Running Google Ads from the Terminal with Custom AI Skills
Published on 07.05.2026
Running Google Ads from the Terminal with Custom AI Skills
TLDR: A paid search manager at Kilo built a terminal-based workflow for managing Google Ads using custom AI skills and CLI tooling. Every mutating operation ships with a dry-run default, the system accumulates API knowledge across sessions, and model selection is deliberate — expensive models for strategy, cheaper ones for mechanical execution.
Summary:
The premise here is deceptively simple: most paid search work is not intellectually hard, it is just tedious. Renaming 40 ad groups, building a campaign from a spec, auditing tracking templates across an account — none of these tasks require real judgment, but they each involve enough manual steps that a mistake is almost inevitable when you do them by hand. The author, who has been in paid search for 12 years, decided to replace the Google Ads UI almost entirely with a CLI workflow built on Kilo's tooling and a set of custom skills written in plain markdown.
The architecture is worth understanding in detail. There are three layers: rules, which are always active and serve as the "do not shoot yourself in the foot" guardrails; skills, which load on demand for specific types of work; and scripts, which are the actual Python files making API calls. The rules file encodes conventions that must never be violated — no live API writes without an explicit execute flag, new campaigns always created paused, every mutating script ships with a dry-run mode that prints a full diff before touching anything. The skills are reference documents written for a future session that has forgotten everything. They list existing scripts, what each one does, which patterns it demonstrates, and any API quirks discovered along the way. The scripts themselves are generated by agents reading those skills, not written from scratch each time.

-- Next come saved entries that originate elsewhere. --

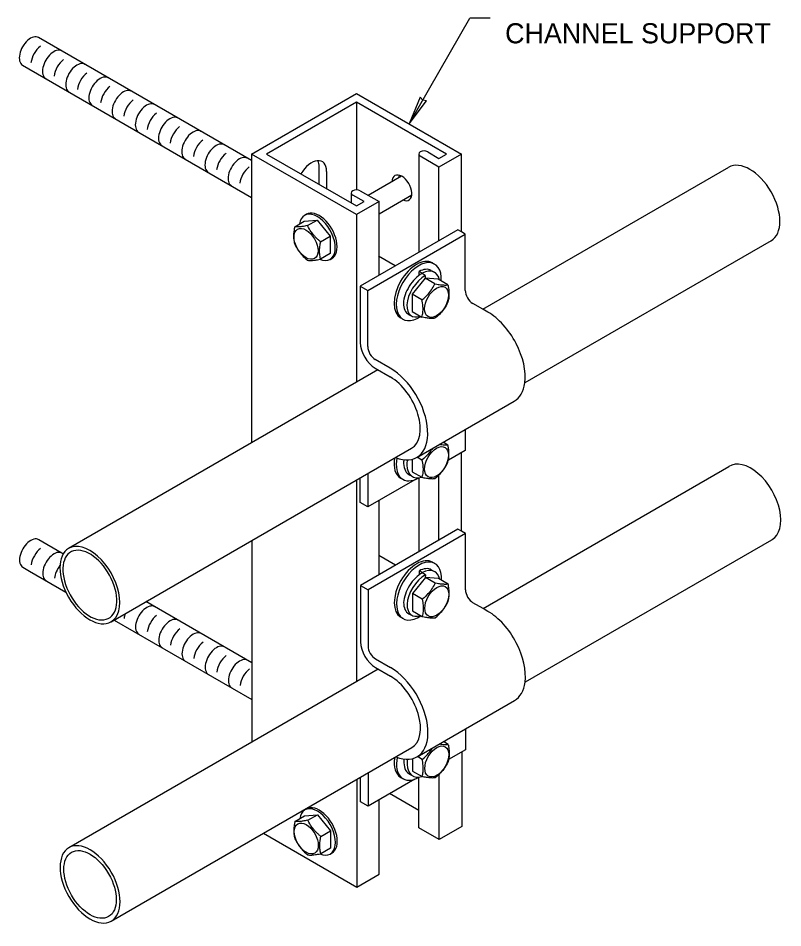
# Model space of a CAD drawing. Extents: x 99862 to 103151, y 100000 to 102076.
# Drawn here: x 100823 to 101432, y 100733 to 101457 of the extents above; entities that cross this region are included whole.
import ezdxf

# ---------------------------------------------------------------- set-up
doc = ezdxf.new("R2010")
doc.units = 0
for name, color, linetype in [('Level 1', 7, 'Continuous'), ('Level 15', 7, 'Continuous'), ('Level 2', 7, 'Continuous'), ('Level 20', 7, 'Continuous'), ('Level 4', 7, 'Continuous'), ('Level 5', 7, 'Continuous'), ('Level 6', 7, 'Continuous'), ('Level 8', 7, 'Continuous'), ('Level 9', 7, 'Continuous')]:
    doc.layers.add(name, color=color, linetype=linetype)

msp = doc.modelspace()

# ---------------------------------------------------------------- linework, layer by layer
at = {"layer": 'Level 1'}
for p, q in [((101009.22, 101348.41), (101092.74, 101396.63)), ((101092.74, 101396.63), (101176.27, 101348.41)), ((101092.74, 101389.74), (101021.15, 101348.41)), ((101092.74, 101389.74), (101092.74, 101319.85)), ((101164.34, 101348.41), (101092.74, 101389.74)), ((101092.74, 101300.18), (101009.22, 101348.41)), ((101009.22, 101348.41), (101009.22, 101118.7)), ((101021.15, 101348.41), (101092.74, 101307.07)), ((101142.21, 101348.41), (101142.21, 101270.18)), ((101158.37, 101338.07), (101143.43, 101346.7)), ((101149.4, 101350.14), (101158.37, 101344.96)), ((101176.27, 101348.41), (101158.37, 101338.07)), ((101158.37, 101344.96), (101164.34, 101348.41)), ((101176.27, 101286.4), (101176.27, 101348.41)), ((101062.91, 101324.29), (101062.91, 101338.07)), ((101068.88, 101334.63), (101068.88, 101320.85)), ((101158.37, 101279.51), (101158.37, 101338.07)), ((101095.7, 101319.14), (101110.64, 101310.52)), ((101088.51, 101317.4), (101088.51, 101309.51)), ((101098.71, 101310.52), (101089.74, 101315.7)), ((101110.64, 101310.52), (101092.74, 101300.18)), ((101092.74, 101307.07), (101098.71, 101310.52)), ((101110.64, 101251.95), (101110.64, 101310.52)), ((101092.74, 101300.18), (101092.74, 101166.92)), ((101176.27, 101048.29), (101176.27, 101110.73)), ((101092.74, 101088.98), (101092.74, 100928.59)), ((101142.21, 101090.72), (101142.21, 101031.85)), ((101158.37, 101041.18), (101158.37, 101093.08)), ((101110.64, 101013.62), (101110.64, 101072.84)), ((101009.41, 101040.86), (101009.41, 100880.47)), ((101176.46, 100872.5), (101176.46, 100813.14)), ((101158.56, 100802.81), (101158.56, 100854.86)), ((101092.93, 100850.76), (101092.93, 100764.92)), ((101142.4, 100812.14), (101142.4, 100852.57)), ((101110.83, 100775.25), (101110.83, 100834.61)), ((101142.4, 100825.92), (101119.09, 100839.38)), ((101158.56, 100802.81), (101142.4, 100812.14)), ((101176.46, 100813.14), (101158.56, 100802.81)), ((101018.6, 100807.84), (101092.93, 100764.92)), ((101092.93, 100764.92), (101110.83, 100775.25))]:
    msp.add_line(p, q, dxfattribs=at)
for centre, major_axis, start_param, end_param in [((101146.39, 101348.41), (-4.19, 0), 5.497787, 7.068583), ((101146.44, 101348.43), (-4.19, 0), 3.926991, 5.497787), ((101056.94, 101327.74), (8.44, 14.61), 5.497787, 7.853982), ((101050.98, 101331.18), (-8.44, -14.61), 2.356194, 2.780226), ((101128.87, 101321.49), (5.59, -9.69), 5.605091, 10.177712), ((101134.15, 101324.54), (-5.59, 9.69), 0.490883, 0.752934), ((101092.69, 101317.4), (-4.19, 0), 5.497787, 7.068583), ((101092.74, 101317.43), (-4.19, 0), 3.926991, 5.497787), ((101134.15, 101324.54), (-5.59, 9.69), 2.463499, 2.65071)]:
    msp.add_ellipse(centre, major_axis=major_axis, ratio=0.57735, start_param=start_param, end_param=end_param, dxfattribs=at)
at = {"layer": 'Level 15'}
for p in [(101134.51, 101372.52), (101199.01, 101456.52)]:
    msp.add_line(p, (101183.01, 101456.52), dxfattribs=at)
msp.add_lwpolyline([(101134.51, 101372.52), (101148.51, 101390.8), (101145.39, 101391.37), (101143.34, 101393.78)], close=True, dxfattribs=at)
at = {"layer": 'Level 2'}
for p, q in [((101173.29, 101288.12), (101095.73, 101243.34)), ((101101.69, 101239.9), (101179.25, 101284.68)), ((101176.27, 101286.4), (101173.29, 101288.12)), ((101179.25, 101284.68), (101176.27, 101286.4)), ((101176.27, 101286.4), (101176.27, 101286.4)), ((101179.25, 101239.9), (101179.25, 101284.68)), ((101095.73, 101243.34), (101101.69, 101239.9)), ((101095.73, 101243.34), (101095.73, 101198.56)), ((101101.69, 101195.12), (101101.69, 101239.9)), ((101193.3, 101224.9), (101185.22, 101229.56)), ((101197.15, 101222.68), (101193.3, 101224.9)), ((101119.59, 101177.9), (101107.66, 101184.78)), ((101107.66, 101177.9), (101119.59, 101171.01)), ((101179.25, 101129.18), (101218.24, 101151.69)), ((101140.68, 101106.91), (101179.25, 101129.18)), ((101179.25, 101129.18), (101179.25, 101112.45)), ((101179.25, 101112.45), (101165.85, 101104.71)), ((101101.69, 101094.14), (101101.69, 101067.67)), ((101095.73, 101071.11), (101095.73, 101090.7)), ((101139.01, 101089.22), (101101.69, 101067.67)), ((101101.69, 101067.67), (101095.73, 101071.11)), ((101173.48, 101049.9), (101095.92, 101005.12)), ((101176.26, 101048.29), (101173.48, 101049.9)), ((101179.45, 101046.46), (101101.88, 101001.68)), ((101179.45, 101046.46), (101176.26, 101048.29)), ((101179.45, 101001.68), (101179.45, 101046.46)), ((101095.92, 101005.12), (101101.88, 101001.68)), ((101095.92, 101005.12), (101095.92, 100960.34)), ((101101.88, 101001.68), (101101.88, 100956.9)), ((101193.49, 100986.68), (101185.41, 100991.34)), ((101193.49, 100986.68), (101193.49, 100986.68)), ((101197.34, 100984.45), (101193.49, 100986.68)), ((101107.85, 100946.56), (101119.78, 100939.67)), ((101107.85, 100939.67), (101119.78, 100932.78)), ((101179.45, 100890.96), (101218.44, 100913.47)), ((101140.88, 100868.69), (101179.45, 100890.96)), ((101179.45, 100890.96), (101179.45, 100874.23)), ((101179.45, 100874.23), (101166.05, 100866.49)), ((101101.88, 100855.92), (101101.88, 100829.45)), ((101095.92, 100832.89), (101095.92, 100852.48)), ((101139.21, 100850.99), (101101.88, 100829.45)), ((101101.88, 100829.45), (101095.92, 100832.89))]:
    msp.add_line(p, q, dxfattribs=at)
for centre, major_axis, start_param, end_param in [((101185.22, 101236.45), (-4.22, 7.31), 0.785398, 2.356194), ((101197.15, 101188.23), (21.09, -36.54), 0.640306, 2.356194), ((101107.66, 101191.67), (-8.44, 14.61), 0.785398, 2.356194), ((101107.66, 101191.67), (-4.22, 7.31), 0.785398, 2.356194), ((101119.59, 101143.45), (21.09, -36.54), 5.639684, 8.63938), ((101119.59, 101143.45), (16.88, -29.23), 0, 2.356194), ((101197.15, 101188.23), (21.09, -36.54), 6.283185, 6.923491), ((101185.41, 100998.23), (-4.22, 7.31), 0.785398, 2.356194), ((101197.34, 100950.01), (21.09, -36.54), 0.640817, 2.356194), ((101107.85, 100953.45), (-8.44, 14.61), 0.785398, 2.356194), ((101107.85, 100953.45), (-4.22, 7.31), 0.785398, 2.356194), ((101119.78, 100905.23), (21.09, -36.54), 5.639684, 8.63938), ((101119.78, 100905.23), (16.88, -29.23), 6.283185, 8.63938), ((101197.34, 100950.01), (21.09, -36.54), 0, 0.640817)]:
    msp.add_ellipse(centre, major_axis=major_axis, ratio=0.57735, start_param=start_param, end_param=end_param, dxfattribs=at)
at = {"layer": 'Level 4'}
for p, q in [((101128.62, 101330.77), (101102.09, 101315.45)), ((101110.64, 101300.91), (101136.74, 101315.97)), ((101043.48, 101290.52), (101051.15, 101294.95)), ((101051.15, 101294.95), (101061.48, 101295.87)), ((101053.81, 101291.45), (101061.48, 101295.87)), ((101061.48, 101295.87), (101071.82, 101283.02)), ((101064.14, 101278.59), (101071.82, 101283.02)), ((101071.82, 101283.02), (101071.82, 101269.24)), ((101071.82, 101269.24), (101064.14, 101264.81)), ((101123.55, 101259.41), (101110.32, 101267.05)), ((101147.46, 101249.64), (101137.13, 101236.79)), ((101155.13, 101245.21), (101147.46, 101249.64)), ((101157.8, 101248.72), (101147.46, 101249.64)), ((101165.47, 101244.29), (101157.8, 101248.72)), ((101144.8, 101232.36), (101137.13, 101236.79)), ((101137.13, 101236.79), (101137.13, 101223.01)), ((101137.13, 101223.01), (101144.8, 101218.58)), ((101165.47, 101116.84), (101161.67, 101119.03)), ((101137.13, 101105.46), (101137.13, 101095.56)), ((101144.8, 101104.91), (101141, 101107.1)), ((101137.13, 101095.56), (101144.8, 101091.13)), ((101123.75, 101021.19), (101110.51, 101028.83)), ((101147.65, 101011.42), (101137.32, 100998.56)), ((101155.33, 101006.99), (101147.65, 101011.42)), ((101157.99, 101010.5), (101147.65, 101011.42)), ((101165.66, 101006.07), (101157.99, 101010.5)), ((101144.99, 100994.14), (101137.32, 100998.56)), ((101137.32, 100998.56), (101137.32, 100984.79)), ((101137.32, 100984.79), (101144.99, 100980.36)), ((101165.66, 100878.62), (101161.86, 100880.81)), ((101144.99, 100866.69), (101141.2, 100868.88)), ((101137.32, 100867.24), (101137.32, 100857.34)), ((101137.32, 100857.34), (101144.99, 100852.91)), ((101043.67, 100817.3), (101051.34, 100821.73)), ((101051.34, 100821.73), (101061.67, 100822.65)), ((101054, 100818.22), (101061.67, 100822.65)), ((101061.67, 100822.65), (101072.01, 100809.8)), ((101064.34, 100805.37), (101072.01, 100809.8)), ((101072.01, 100809.8), (101072.01, 100796.02)), ((101072.01, 100796.02), (101064.34, 100791.59))]:
    msp.add_line(p, q, dxfattribs=at)
for centre, major_axis in [((101052.53, 101276.93), (6.75, -11.69)), ((101156.41, 101230.7), (6.75, 11.69)), ((101156.41, 101103.25), (6.75, 11.69)), ((101156.6, 100992.47), (6.75, 11.69)), ((101156.6, 100865.02), (6.75, 11.69)), ((101052.72, 100803.71), (6.75, -11.69))]:
    msp.add_ellipse(centre, major_axis=major_axis, ratio=0.57735, dxfattribs=at)
for points in [[(101043.48, 101290.52), (101043.22, 101289.25), (101043, 101287.97), (101042.7, 101285.5), (101042.62, 101284.3), (101042.62, 101281.97), (101042.7, 101280.84), (101043, 101278.72), (101043.22, 101277.71), (101043.48, 101276.74)], [(101053.81, 101291.45), (101052.7, 101291.22), (101051.63, 101291.02), (101049.61, 101290.69), (101048.66, 101290.57), (101046.03, 101290.33), (101044.65, 101290.37), (101043.48, 101290.52)], [(101064.14, 101278.59), (101063.04, 101279.49), (101061.97, 101280.43), (101059.95, 101282.4), (101058.99, 101283.44), (101056.36, 101286.71), (101054.98, 101289.04), (101053.81, 101291.45)], [(101043.48, 101276.74), (101044.06, 101275.54), (101044.7, 101274.36), (101046.12, 101272.04), (101046.92, 101270.9), (101049.55, 101267.63), (101051.6, 101265.69), (101053.81, 101263.89)], [(101064.14, 101264.81), (101063.89, 101265.78), (101063.67, 101266.78), (101063.37, 101268.91), (101063.29, 101270.04), (101063.29, 101272.36), (101063.37, 101273.57), (101063.67, 101276.04), (101063.88, 101277.31), (101064.14, 101278.59)], [(101053.81, 101263.89), (101054.4, 101263.81), (101055.03, 101263.77), (101056.46, 101263.75), (101057.25, 101263.78), (101059.88, 101264.01), (101061.93, 101264.36), (101064.14, 101264.81)], [(101144.8, 101232.36), (101147.01, 101234.16), (101149.06, 101236.1), (101152.57, 101240.46), (101153.96, 101242.8), (101155.13, 101245.21)], [(101155.13, 101245.21), (101157.35, 101244.76), (101159.39, 101244.41), (101162.9, 101244.1), (101164.3, 101244.14), (101165.47, 101244.29)], [(101165.47, 101244.29), (101165.73, 101243.01), (101165.95, 101241.74), (101166.24, 101239.27), (101166.32, 101238.06), (101166.32, 101235.73), (101166.24, 101234.61), (101165.94, 101232.48), (101165.73, 101231.48), (101165.47, 101230.51)], [(101144.8, 101218.58), (101145.06, 101219.55), (101145.27, 101220.55), (101145.57, 101222.67), (101145.65, 101223.8), (101145.66, 101226.13), (101145.58, 101227.33), (101145.28, 101229.81), (101145.06, 101231.08), (101144.8, 101232.36)], [(101165.47, 101230.51), (101164.3, 101228.1), (101162.92, 101225.78), (101159.41, 101221.42), (101157.35, 101219.46), (101155.13, 101217.66)], [(101155.13, 101217.66), (101153.96, 101217.5), (101152.58, 101217.47), (101149.08, 101217.78), (101147.02, 101218.13), (101144.8, 101218.58)], [(101165.47, 101116.84), (101164.3, 101116.69), (101162.92, 101116.65), (101160.32, 101116.88), (101159.4, 101117), (101158.42, 101117.16)], [(101165.47, 101103.06), (101165.73, 101104.04), (101165.95, 101105.06), (101166.24, 101107.19), (101166.32, 101108.3), (101166.32, 101110.63), (101166.24, 101111.85), (101165.94, 101114.32), (101165.73, 101115.57), (101165.47, 101116.84)], [(101153.12, 101114.09), (101152.43, 101112.98), (101151.67, 101111.9), (101149.08, 101108.67), (101147.02, 101106.71), (101144.8, 101104.91)], [(101144.8, 101104.91), (101145.06, 101103.64), (101145.27, 101102.39), (101145.57, 101099.92), (101145.65, 101098.69), (101145.66, 101096.37), (101145.58, 101095.25), (101145.28, 101093.13), (101145.06, 101092.1), (101144.8, 101091.13)], [(101155.13, 101090.21), (101157.35, 101092.01), (101159.39, 101093.95), (101162.9, 101098.31), (101164.3, 101100.65), (101165.47, 101103.06)], [(101144.8, 101091.13), (101147.01, 101090.68), (101149.06, 101090.33), (101152.57, 101090.02), (101153.96, 101090.05), (101155.13, 101090.21)], [(101155.33, 101006.99), (101154.16, 101004.58), (101152.76, 101002.24), (101149.25, 100997.88), (101147.21, 100995.94), (101144.99, 100994.14)], [(101165.66, 101006.07), (101164.49, 101005.92), (101163.1, 101005.88), (101159.59, 101006.19), (101157.54, 101006.54), (101155.33, 101006.99)], [(101165.66, 100992.29), (101165.92, 100993.26), (101166.13, 100994.26), (101166.43, 100996.38), (101166.51, 100997.51), (101166.52, 100999.84), (101166.44, 101001.05), (101166.14, 101003.52), (101165.92, 101004.79), (101165.66, 101006.07)], [(101144.99, 100994.14), (101145.25, 100992.86), (101145.47, 100991.58), (101145.77, 100989.11), (101145.85, 100987.91), (101145.85, 100985.58), (101145.76, 100984.45), (101145.47, 100982.33), (101145.25, 100981.32), (101144.99, 100980.36)], [(101155.33, 100979.43), (101157.54, 100981.24), (101159.6, 100983.19), (101163.11, 100987.56), (101164.49, 100989.88), (101165.66, 100992.29)], [(101144.99, 100980.36), (101147.21, 100979.9), (101149.27, 100979.56), (101152.77, 100979.24), (101154.16, 100979.28), (101155.33, 100979.43)], [(101158.62, 100878.93), (101159.59, 100878.78), (101160.51, 100878.66), (101163.11, 100878.43), (101164.49, 100878.47), (101165.66, 100878.62)], [(101165.66, 100878.62), (101165.92, 100877.35), (101166.13, 100876.1), (101166.43, 100873.63), (101166.51, 100872.41), (101166.52, 100870.08), (101166.44, 100868.97), (101166.14, 100866.84), (101165.92, 100865.81), (101165.66, 100864.84)], [(101144.99, 100866.69), (101147.21, 100868.49), (101149.27, 100870.45), (101151.87, 100873.68), (101152.62, 100874.76), (101153.31, 100875.87)], [(101144.99, 100852.91), (101145.25, 100853.88), (101145.47, 100854.9), (101145.77, 100857.03), (101145.85, 100858.14), (101145.85, 100860.47), (101145.76, 100861.7), (101145.47, 100864.17), (101145.25, 100865.42), (101144.99, 100866.69)], [(101165.66, 100864.84), (101164.49, 100862.43), (101163.1, 100860.09), (101159.59, 100855.73), (101157.54, 100853.79), (101155.33, 100851.98)], [(101155.33, 100851.98), (101154.16, 100851.83), (101152.76, 100851.79), (101149.25, 100852.11), (101147.21, 100852.45), (101144.99, 100852.91)], [(101054, 100818.22), (101052.89, 100818), (101051.83, 100817.8), (101049.8, 100817.47), (101048.85, 100817.35), (101046.22, 100817.11), (101044.84, 100817.15), (101043.67, 100817.3)], [(101064.34, 100805.37), (101063.23, 100806.27), (101062.16, 100807.21), (101060.14, 100809.18), (101059.18, 100810.22), (101056.55, 100813.49), (101055.17, 100815.82), (101054, 100818.22)], [(101043.67, 100817.3), (101043.41, 100816.02), (101043.19, 100814.75), (101042.89, 100812.28), (101042.81, 100811.07), (101042.81, 100808.75), (101042.9, 100807.62), (101043.19, 100805.49), (101043.41, 100804.49), (101043.67, 100803.52)], [(101064.34, 100791.59), (101064.08, 100792.56), (101063.86, 100793.56), (101063.56, 100795.68), (101063.48, 100796.81), (101063.48, 100799.14), (101063.56, 100800.35), (101063.86, 100802.82), (101064.07, 100804.09), (101064.34, 100805.37)], [(101043.67, 100803.52), (101044.25, 100802.32), (101044.89, 100801.13), (101046.32, 100798.82), (101047.11, 100797.68), (101049.74, 100794.41), (101051.79, 100792.47), (101054, 100790.67)], [(101054, 100790.67), (101054.59, 100790.59), (101055.22, 100790.54), (101056.65, 100790.52), (101057.44, 100790.56), (101060.07, 100790.79), (101062.12, 100791.14), (101064.34, 100791.59)]]:
    msp.add_open_spline(points, degree=3, dxfattribs=at)
at = {"layer": 'Level 5'}
for p, q in [((101052.79, 101300.46), (101051.36, 101299.63)), ((101052.79, 101300.46), (101051.36, 101299.63)), ((101071.61, 101264.56), (101073.04, 101265.39)), ((101071.61, 101264.56), (101073.04, 101265.39)), ((101153.13, 101261.82), (101154.92, 101260.79)), ((101129.6, 101216.94), (101127.82, 101217.98)), ((101129.6, 101089.49), (101127.82, 101090.53)), ((101153.32, 101023.6), (101155.11, 101022.57)), ((101129.8, 100978.72), (101128.01, 100979.76)), ((101128.01, 100852.31), (101129.8, 100851.27)), ((101052.98, 100827.24), (101051.55, 100826.41)), ((101071.8, 100791.34), (101073.23, 100792.16))]:
    msp.add_line(p, q, dxfattribs=at)
for centre, major_axis, start_param, end_param in [((101061.48, 101282.1), (10.12, -17.54), 6.283185, 10.060003), ((101062.91, 101282.92), (10.12, -17.54), 6.283185, 9.42479), ((101062.91, 101282.92), (10.12, -17.54), 6.283185, 9.42479), ((101061.48, 101282.1), (10.12, -17.54), 5.62548, 6.283185), ((101140.47, 101239.9), (12.66, 21.92), 0.000006, 3.141593), ((101142.26, 101238.87), (12.66, 21.92), 5.41204, 10.295924), ((101140.47, 101112.45), (12.66, 21.92), 2.157168, 3.141593), ((101142.26, 101111.42), (12.66, 21.92), 2.10764, 3.932392), ((101140.66, 101001.68), (12.66, 21.92), 0.000006, 3.141593), ((101142.45, 101000.64), (12.66, 21.92), 5.41204, 10.295924), ((101140.66, 100874.23), (12.66, 21.92), 2.157168, 3.141593), ((101142.45, 100873.19), (12.66, 21.92), 2.10764, 3.923919), ((101061.67, 100808.87), (10.12, -17.54), 6.283185, 10.060003), ((101063.1, 100809.7), (10.12, -17.54), 6.283185, 9.42479), ((101061.67, 100808.87), (10.12, -17.54), 5.62548, 6.283185)]:
    msp.add_ellipse(centre, major_axis=major_axis, ratio=0.57735, start_param=start_param, end_param=end_param, dxfattribs=at)
at = {"layer": 'Level 6'}
for p, q in [((101142.64, 101251.97), (101142.54, 101254.95)), ((101145.1, 101253.58), (101142.54, 101254.95)), ((101147.39, 101251.77), (101144.85, 101253.41)), ((101145.12, 101253.23), (101145.1, 101253.58)), ((101152.06, 101255.81), (101154.62, 101254.44)), ((101147.39, 101251.77), (101147.27, 101249.4)), ((101134.12, 101220.79), (101136.82, 101219.39)), ((101137.64, 101091.57), (101135.08, 101092.89)), ((101142.83, 101013.75), (101142.73, 101016.73)), ((101145.3, 101015.36), (101142.73, 101016.73)), ((101147.58, 101013.55), (101145.04, 101015.19)), ((101145.31, 101015.01), (101145.3, 101015.36)), ((101152.25, 101017.59), (101154.82, 101016.22)), ((101147.58, 101013.55), (101147.46, 101011.18)), ((101134.31, 100982.57), (101137.02, 100981.17)), ((101137.83, 100853.35), (101135.27, 100854.66))]:
    msp.add_line(p, q, dxfattribs=at)
for centre, major_axis, ratio, start_param, end_param in [((101143.94, 101237.76), (10.61, 16.52), 0.544801, 0.802368, 2.38067), ((101142.8, 101238.49), (9.26, 17.32), 0.597856, 6.283185, 7.031394), ((101145.36, 101237.12), (9.26, 17.32), 0.597856, 5.669032, 7.031394), ((101146.62, 101236.21), (10.61, 16.52), 0.544801, 0.811998, 2.370398), ((101143.14, 101238.24), (-9.02, -17.44), 0.544029, 5.471854, 6.283185), ((101145.85, 101236.84), (-9.02, -17.44), 0.544029, 5.471854, 6.845298), ((101143.26, 101110.6), (-9, -17.45), 0.544801, 5.297068, 5.471187), ((101144.06, 101110.35), (-8.98, -17.47), 0.608892, 5.480166, 6.283185), ((101146.62, 101109.04), (-8.98, -17.47), 0.608892, 5.481165, 6.833013), ((101145.85, 101109.27), (-9, -17.45), 0.544801, 5.227707, 5.471187), ((101144.13, 100999.54), (10.61, 16.52), 0.544801, 0.802368, 2.38067), ((101142.99, 101000.27), (9.26, 17.32), 0.597856, 6.283185, 7.031394), ((101145.56, 100998.9), (9.26, 17.32), 0.597856, 5.669032, 7.031394), ((101146.81, 100997.99), (10.61, 16.52), 0.544801, 0.811998, 2.370398), ((101143.33, 101000.01), (-9.02, -17.44), 0.544029, 5.471854, 6.283185), ((101146.04, 100998.62), (-9.02, -17.44), 0.544029, 5.471854, 6.845298), ((101143.46, 100872.38), (-9, -17.45), 0.544801, 5.297068, 5.471187), ((101144.25, 100872.13), (-8.98, -17.47), 0.608892, 5.480166, 6.283185), ((101146.81, 100870.82), (-8.98, -17.47), 0.608892, 5.481165, 6.833013), ((101146.04, 100871.05), (-9, -17.45), 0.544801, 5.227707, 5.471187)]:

What makes this interesting architecturally is the compounding effect. The author describes discovering mid-task that the Google Ads API returns STRING_TOO_SHORT when you try to clear a tracking URL field with an empty string. That is genuinely non-obvious from the documentation. Once discovered, the fix goes into the skill. Every subsequent session that touches tracking templates now knows this without having to discover it again. Same with the fact that trial conversions live in a different metrics field than regular conversions, or that segments and cost metrics cannot coexist in the same GAQL query for search term views. Each API footgun, once hit, becomes permanent institutional knowledge encoded in markdown. The author estimates 600 lines of skills is worth more than all the Python in the repository combined — the markdown is what makes the Python safe to generate from a prompt.
Model selection by task type is another deliberate choice worth highlighting. Planning and strategy gets the expensive reasoning model. Once the plan is locked and execution begins — read the skill, follow the pattern, write the Python, run dry-run — that mechanical work goes to a cheaper, faster model. The author is explicit about not wanting to pay for reasoning horsepower on tasks that are purely pattern-following. This is a practical cost discipline, but it also forces a useful cognitive habit: distinguishing which work actually requires judgment and which work is just labor.
The weekly reporting workflow crystallizes the philosophy cleanly. The script produces numbers through mechanical aggregation. Commentary, the "why did this spike" paragraph, the what-we-are-going-to-do-about-it section — those stay human. The author trusts the numbers to be computed accurately but does not trust any model to write the actual story from those numbers alone. There is no attempt to fully automate the judgment. The automation stops exactly where judgment begins.
Key takeaways:
- Every mutating script defaults to dry-run, preventing accidental API writes during development or review
- Skills are reference documents for future sessions — they accumulate API quirks, conventions, and discovered footguns over time
- Model selection is deliberate: expensive reasoning models for strategy, cheaper execution models for mechanical pattern-following
- New campaigns are always created paused; enabling is a manual UI step, never automated
- Commentary and judgment are explicitly excluded from automation — numbers auto, interpretation manual
Why do I care: The pattern here maps cleanly onto how I think about agentic tooling in any domain, not just paid search. The key insight is that skills-as-markdown are doing the same job as a well-maintained internal wiki, but they are actually read and acted on because they sit in the agent's context window. Most teams accumulate institutional knowledge in Confluence pages nobody opens. This setup makes that knowledge active. The compounding argument is also real — the marginal value of documenting an API quirk once is enormous compared to rediscovering it repeatedly. The one thing I'd push back on is the implicit assumption that dry-run output is sufficient review. For a campaign with 751 ad groups, a text diff is still a lot of cognitive surface area, and the author admits human mistakes are "easy to miss." The safety comes from the convention being enforced consistently, not from the reviewer catching everything. That is a meaningful distinction worth being honest about.